Tuesday 19 October 1999

Dorothy Sayers & Jill Paton Walsh: Thrones, Dominations (1998)


Edition: Hodder & Stoughton, 1998
Review number: 366

I would normally avoid sequels to stories by dead authors like the plague; they are frequently written in a way which shows the new writer too lacking in imagination to have ideas of their own, and involve implausible plots when they attempt to continue a story which was concluded by the author (not leaving loose ends easily unravelled). There are exceptions. Peter Tremayne's Raffles stories are one, George MacDonald Fraser's Flashman novels another - though they are off at a tangent from rather than being straight continuations of Tom Brown's Schooldays. There are several reasons for expecting this novel to be another exception: it was started by Dorothy Sayers herself, fills in a gap in her series rather than continuing it, and is completed by an author who has a good reputation in her own right (and one whose work I like).

These expectations are to a large extent fulfilled. No indication is given as to the stage at which Thrones, Dominations was left by Sayers, or what information there was as to her plans for the remainder of the story. (She abandoned the novel to work on the translation of Dante's Divine Comedy, also uncompleted at her death.) The novel itself is about the early months of Peter and Harriet's marriage, following on from Busman's Honeymoon, and in structure and style it is a close relation of that novel.

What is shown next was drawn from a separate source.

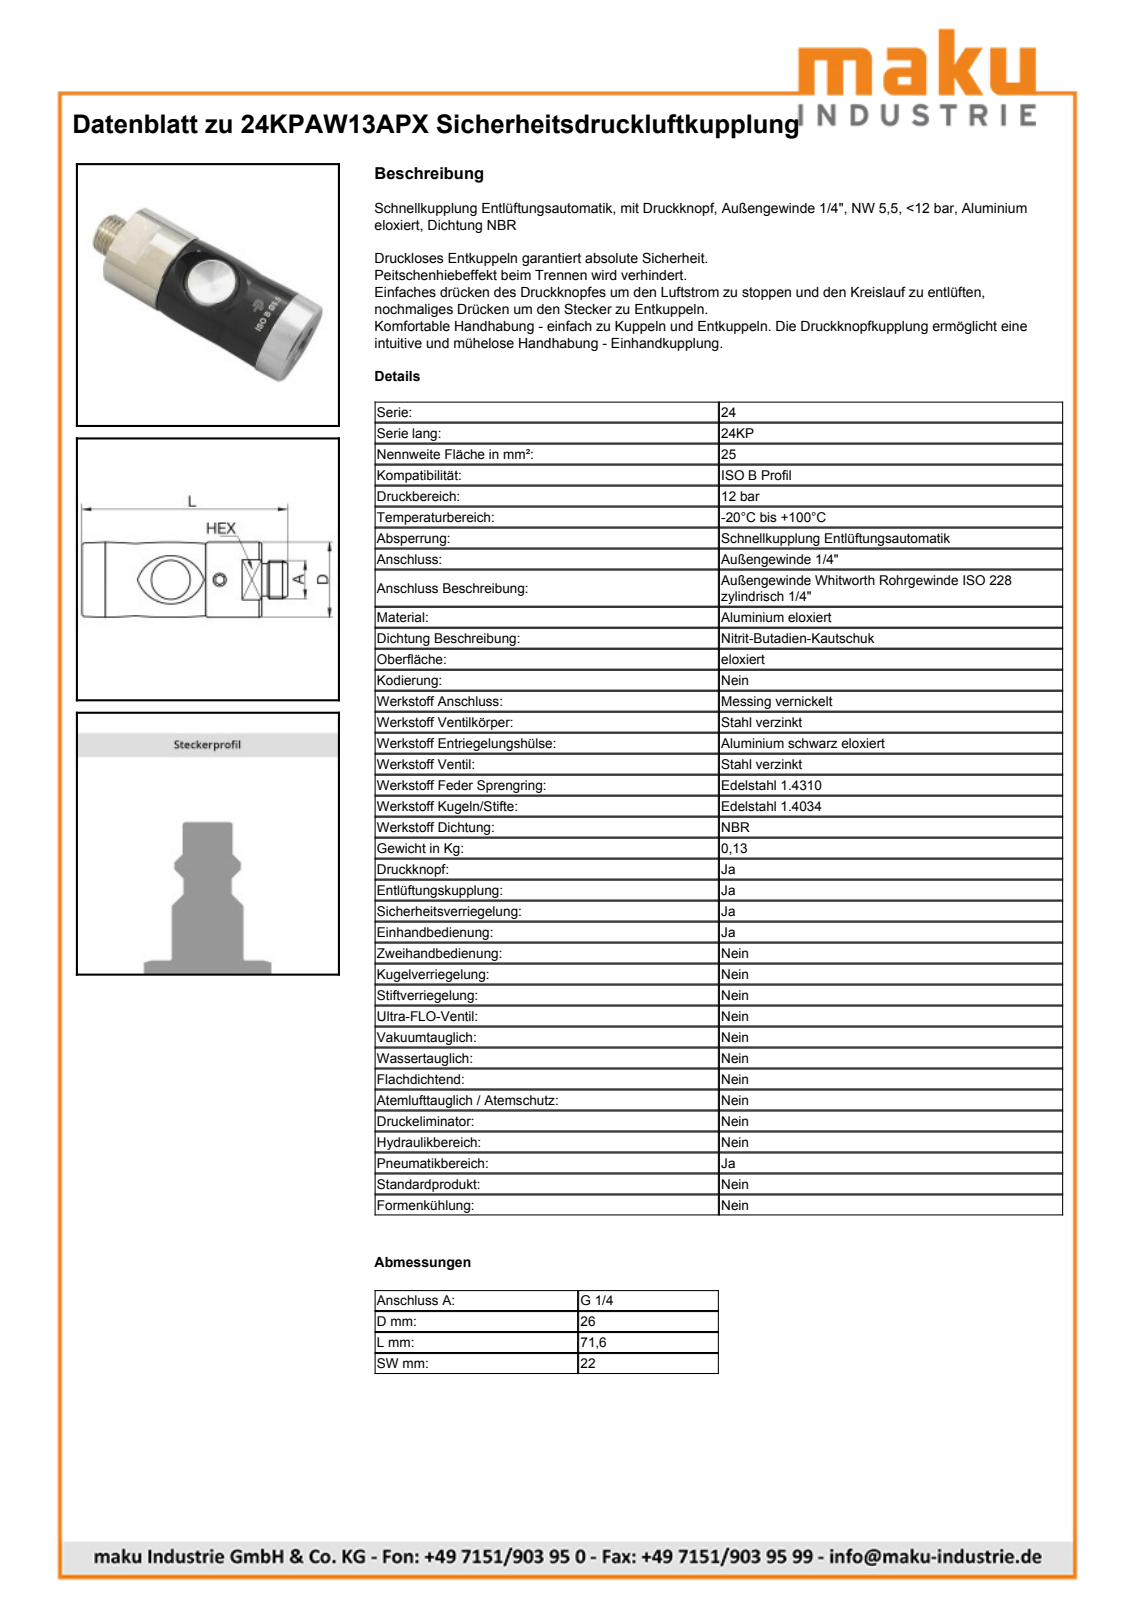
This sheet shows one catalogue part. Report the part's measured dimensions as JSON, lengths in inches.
{"part_name": "24KPAW13APX", "step_written_by": "Autodesk Inventor 2019 (CONFIG_CONTROL_DESIGN)", "units": "inches", "bodies": {"solids": 39, "faces": 225, "planar": 63, "cylindrical": 72, "other": 90}, "overall_size": [2.819, 1.024, 1.024], "volume_in3": 2.346, "surface_area_in2": 36.89, "round_holes": [[0.488, 2], [0.138, 1], [0.256, 1], [0.354, 1], [0.378, 1], [0.38, 1], [0.417, 1], [0.472, 1], [0.482, 1], [0.535, 1], [0.591, 1], [0.626, 1]], "round_bosses_or_shafts": [[1.024, 1], [0.889, 1], [0.866, 1], [0.807, 1], [0.713, 1], [0.65, 1], [0.639, 1], [0.622, 1]], "partial_cylinders_radius": [[0.244, 2]], "face_to_face_distances": [1.697, 1.378, 0.319, 0.768, 2.146, 2.465, 0.039, 2.425, 1.657, 0.28], "hole_center_spacings": [0.024, 0.028, 0.051, 0.671]}
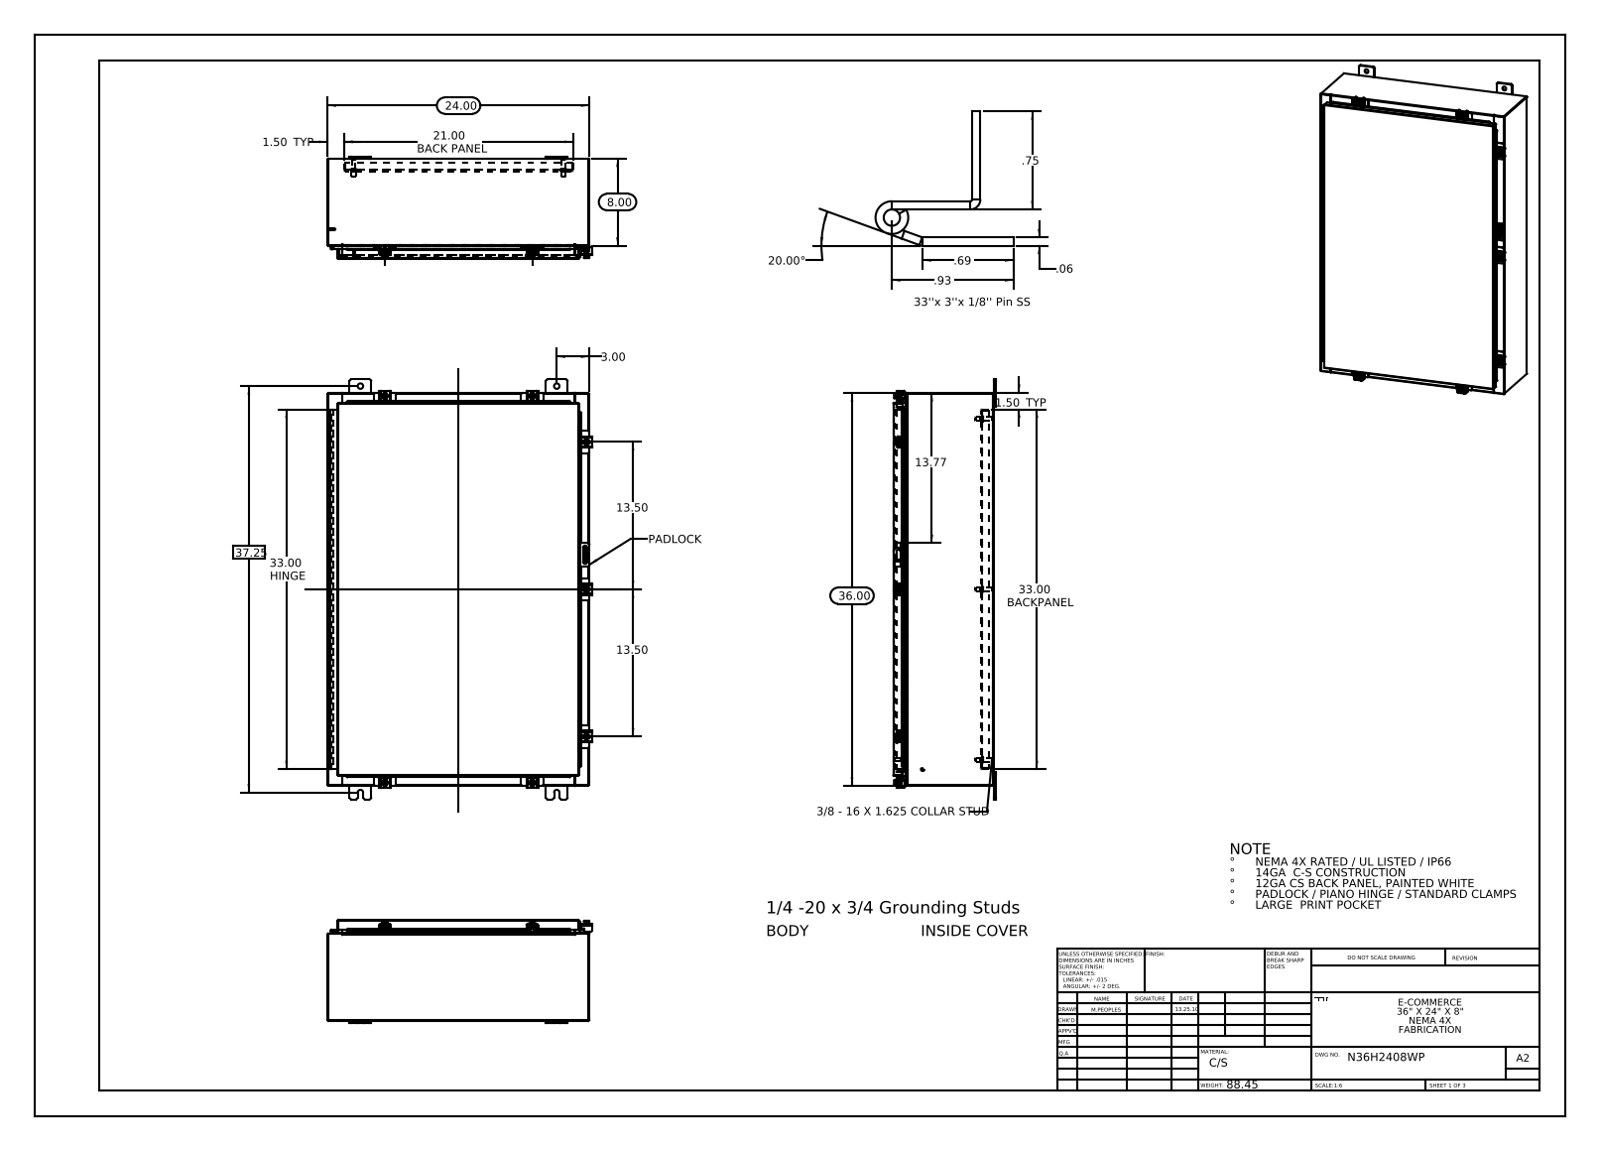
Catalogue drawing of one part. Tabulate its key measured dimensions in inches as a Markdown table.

In both novels, the first half is concerned with the relationship between Peter and Harriet and the way that those around them react to it. (The difference between their positions in society would have been far more important in the late thirties than now.) These chapters in both books contain extensive quotations from the diary of Peter's mother, the dowager Duchess of Denver. Then, in the second half, we have a mystery, less difficult here than in most of Sayers' own books.

The quality of the job that Walsh has done is shown by the fact that she has produced a novel in which it is virtually impossible to detect her hand at all. It is perhaps more similar to Busman's Honeymoon than I suspect that Sayers herself would have left it, the prose is perhaps a little more smooth, and the puzzle not so dependent on complex mechanical details (like the radio in Busman's Honeymoon, the haemophilia in Have His Carcase, for example). The strong characters of Peter and Harriet are as central as ever - the hero worship of Lord Peter maybe toned down a bit, perhaps to better suit modern readers - and are just as convincingly portrayed. The flattering expectation of literary knowledge in the reader is still present, though restricted to English more than in the novels by Sayers alone.

I would be interested to know what relationship this finished product bears to the material left by Sayers, but the very least that can be said is that Walsh has produced an excellent and convincing Lord Peter novel.